HOW TO COMPLETE THIS TASK ::
Your answer is the lines below, exactly, from the one that contains "Face Style: Aluminum" through the one that contains "30 along -normal", both included.
[[ PROVIDED RECORDS open ]]
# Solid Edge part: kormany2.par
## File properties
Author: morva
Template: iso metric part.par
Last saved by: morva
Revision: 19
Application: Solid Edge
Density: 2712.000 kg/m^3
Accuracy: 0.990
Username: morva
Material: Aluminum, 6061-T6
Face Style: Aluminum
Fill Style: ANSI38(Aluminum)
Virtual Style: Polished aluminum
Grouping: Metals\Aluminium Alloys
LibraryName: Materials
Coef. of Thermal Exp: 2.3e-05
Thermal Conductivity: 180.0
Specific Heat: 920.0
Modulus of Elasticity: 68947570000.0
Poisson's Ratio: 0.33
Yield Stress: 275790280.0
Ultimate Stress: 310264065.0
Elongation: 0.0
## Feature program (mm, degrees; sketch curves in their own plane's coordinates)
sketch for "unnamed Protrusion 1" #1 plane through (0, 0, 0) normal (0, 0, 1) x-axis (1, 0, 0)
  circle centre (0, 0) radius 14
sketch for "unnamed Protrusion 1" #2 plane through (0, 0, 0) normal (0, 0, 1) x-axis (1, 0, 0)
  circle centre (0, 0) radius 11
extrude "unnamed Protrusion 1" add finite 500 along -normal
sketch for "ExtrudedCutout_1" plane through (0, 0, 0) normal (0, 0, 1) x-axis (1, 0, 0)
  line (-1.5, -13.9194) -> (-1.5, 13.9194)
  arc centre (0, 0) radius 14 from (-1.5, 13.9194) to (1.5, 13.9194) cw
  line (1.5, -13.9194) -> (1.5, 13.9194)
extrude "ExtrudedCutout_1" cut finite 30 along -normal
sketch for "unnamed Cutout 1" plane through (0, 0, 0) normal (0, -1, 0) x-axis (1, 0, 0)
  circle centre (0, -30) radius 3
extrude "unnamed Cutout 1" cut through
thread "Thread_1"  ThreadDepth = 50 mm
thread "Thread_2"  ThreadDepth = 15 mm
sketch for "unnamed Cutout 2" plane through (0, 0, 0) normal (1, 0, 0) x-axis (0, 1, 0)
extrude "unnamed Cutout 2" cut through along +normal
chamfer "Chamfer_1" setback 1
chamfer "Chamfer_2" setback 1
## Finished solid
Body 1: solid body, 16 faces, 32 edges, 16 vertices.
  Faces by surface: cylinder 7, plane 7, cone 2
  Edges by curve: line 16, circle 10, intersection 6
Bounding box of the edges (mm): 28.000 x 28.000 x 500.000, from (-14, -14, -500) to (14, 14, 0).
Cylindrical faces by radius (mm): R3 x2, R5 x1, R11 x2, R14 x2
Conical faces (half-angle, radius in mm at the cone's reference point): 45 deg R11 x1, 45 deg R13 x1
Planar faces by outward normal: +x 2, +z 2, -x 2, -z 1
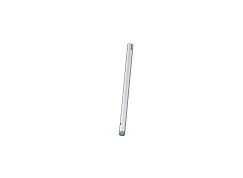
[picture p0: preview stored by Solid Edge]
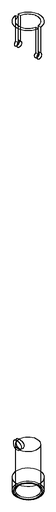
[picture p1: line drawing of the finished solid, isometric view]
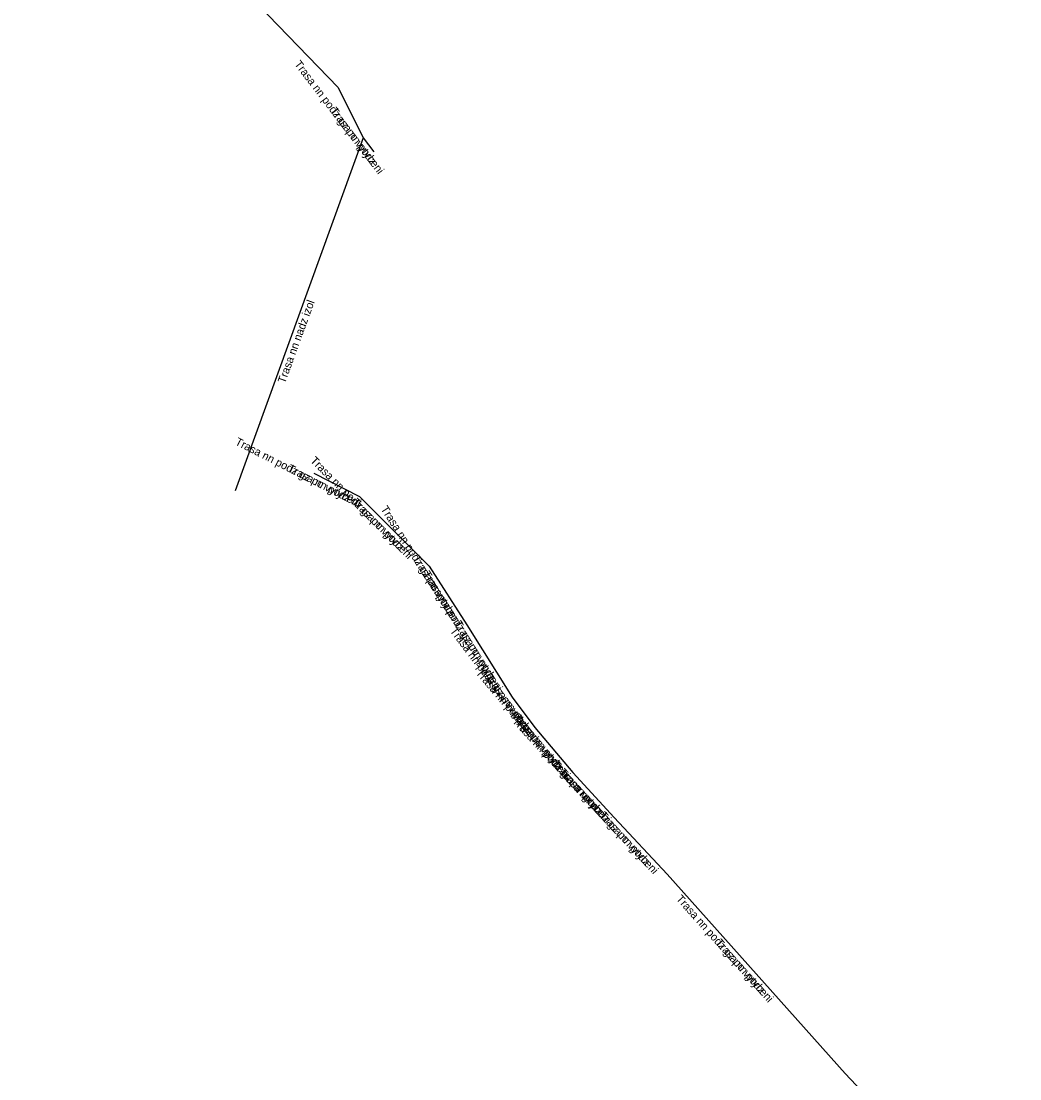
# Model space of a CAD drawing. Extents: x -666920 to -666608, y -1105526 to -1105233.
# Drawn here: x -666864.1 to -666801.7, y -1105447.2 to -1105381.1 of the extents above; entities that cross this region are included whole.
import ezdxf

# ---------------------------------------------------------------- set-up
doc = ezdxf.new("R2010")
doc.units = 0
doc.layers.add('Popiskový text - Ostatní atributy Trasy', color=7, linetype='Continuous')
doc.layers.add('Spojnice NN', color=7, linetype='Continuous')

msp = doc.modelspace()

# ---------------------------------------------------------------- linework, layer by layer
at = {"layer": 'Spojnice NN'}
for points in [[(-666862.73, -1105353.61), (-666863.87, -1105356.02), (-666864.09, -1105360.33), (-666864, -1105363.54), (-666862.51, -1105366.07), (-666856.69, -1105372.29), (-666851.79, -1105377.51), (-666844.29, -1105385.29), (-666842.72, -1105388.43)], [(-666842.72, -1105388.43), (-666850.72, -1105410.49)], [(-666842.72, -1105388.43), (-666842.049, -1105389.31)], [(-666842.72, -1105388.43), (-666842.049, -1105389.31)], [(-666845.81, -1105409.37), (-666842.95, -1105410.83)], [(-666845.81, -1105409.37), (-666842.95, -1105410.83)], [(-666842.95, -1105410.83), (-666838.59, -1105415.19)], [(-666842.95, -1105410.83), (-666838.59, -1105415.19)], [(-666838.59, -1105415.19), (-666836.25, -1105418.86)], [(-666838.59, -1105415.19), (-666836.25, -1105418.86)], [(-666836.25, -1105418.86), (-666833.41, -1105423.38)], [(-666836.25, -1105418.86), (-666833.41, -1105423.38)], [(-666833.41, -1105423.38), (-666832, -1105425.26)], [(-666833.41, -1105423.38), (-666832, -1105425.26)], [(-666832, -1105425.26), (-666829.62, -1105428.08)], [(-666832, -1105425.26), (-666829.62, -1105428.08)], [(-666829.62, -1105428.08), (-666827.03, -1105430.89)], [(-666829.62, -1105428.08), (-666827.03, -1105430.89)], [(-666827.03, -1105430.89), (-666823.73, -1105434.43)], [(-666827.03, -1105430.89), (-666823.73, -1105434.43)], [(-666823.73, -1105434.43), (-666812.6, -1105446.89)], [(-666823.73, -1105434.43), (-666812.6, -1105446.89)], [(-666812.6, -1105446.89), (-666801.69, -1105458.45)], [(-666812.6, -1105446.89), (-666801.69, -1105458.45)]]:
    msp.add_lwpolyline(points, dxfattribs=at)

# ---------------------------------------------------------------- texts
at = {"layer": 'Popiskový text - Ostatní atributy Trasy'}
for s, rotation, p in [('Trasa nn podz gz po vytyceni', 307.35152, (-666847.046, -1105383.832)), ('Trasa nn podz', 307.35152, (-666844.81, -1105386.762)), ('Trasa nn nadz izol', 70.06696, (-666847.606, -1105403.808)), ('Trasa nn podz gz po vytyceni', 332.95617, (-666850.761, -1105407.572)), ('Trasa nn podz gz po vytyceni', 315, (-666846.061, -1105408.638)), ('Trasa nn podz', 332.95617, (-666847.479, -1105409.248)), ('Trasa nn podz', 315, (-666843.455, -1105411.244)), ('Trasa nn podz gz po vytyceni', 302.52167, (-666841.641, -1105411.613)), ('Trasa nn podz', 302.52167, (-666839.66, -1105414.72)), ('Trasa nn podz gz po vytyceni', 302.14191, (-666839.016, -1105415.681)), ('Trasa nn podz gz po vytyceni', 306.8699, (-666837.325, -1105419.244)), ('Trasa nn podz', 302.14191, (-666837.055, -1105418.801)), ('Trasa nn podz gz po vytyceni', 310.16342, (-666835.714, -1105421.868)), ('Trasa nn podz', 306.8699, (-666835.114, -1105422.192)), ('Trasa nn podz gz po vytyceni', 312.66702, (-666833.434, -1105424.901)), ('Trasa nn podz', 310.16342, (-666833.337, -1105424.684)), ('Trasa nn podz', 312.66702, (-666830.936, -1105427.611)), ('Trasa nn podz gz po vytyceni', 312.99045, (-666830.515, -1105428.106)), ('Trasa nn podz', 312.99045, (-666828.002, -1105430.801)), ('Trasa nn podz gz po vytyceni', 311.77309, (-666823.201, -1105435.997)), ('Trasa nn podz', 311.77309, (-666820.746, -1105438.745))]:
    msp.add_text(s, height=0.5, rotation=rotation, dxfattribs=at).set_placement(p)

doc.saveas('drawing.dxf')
[[ PROVIDED RECORDS closed ]]
EXPECTED ANSWER ::
Face Style: Aluminum
Fill Style: ANSI38(Aluminum)
Virtual Style: Polished aluminum
Grouping: Metals\Aluminium Alloys
LibraryName: Materials
Coef. of Thermal Exp: 2.3e-05
Thermal Conductivity: 180.0
Specific Heat: 920.0
Modulus of Elasticity: 68947570000.0
Poisson's Ratio: 0.33
Yield Stress: 275790280.0
Ultimate Stress: 310264065.0
Elongation: 0.0
## Feature program (mm, degrees; sketch curves in their own plane's coordinates)
sketch for "unnamed Protrusion 1" #1 plane through (0, 0, 0) normal (0, 0, 1) x-axis (1, 0, 0)
  circle centre (0, 0) radius 14
sketch for "unnamed Protrusion 1" #2 plane through (0, 0, 0) normal (0, 0, 1) x-axis (1, 0, 0)
  circle centre (0, 0) radius 11
extrude "unnamed Protrusion 1" add finite 500 along -normal
sketch for "ExtrudedCutout_1" plane through (0, 0, 0) normal (0, 0, 1) x-axis (1, 0, 0)
  line (-1.5, -13.9194) -> (-1.5, 13.9194)
  arc centre (0, 0) radius 14 from (-1.5, 13.9194) to (1.5, 13.9194) cw
  line (1.5, -13.9194) -> (1.5, 13.9194)
extrude "ExtrudedCutout_1" cut finite 30 along -normal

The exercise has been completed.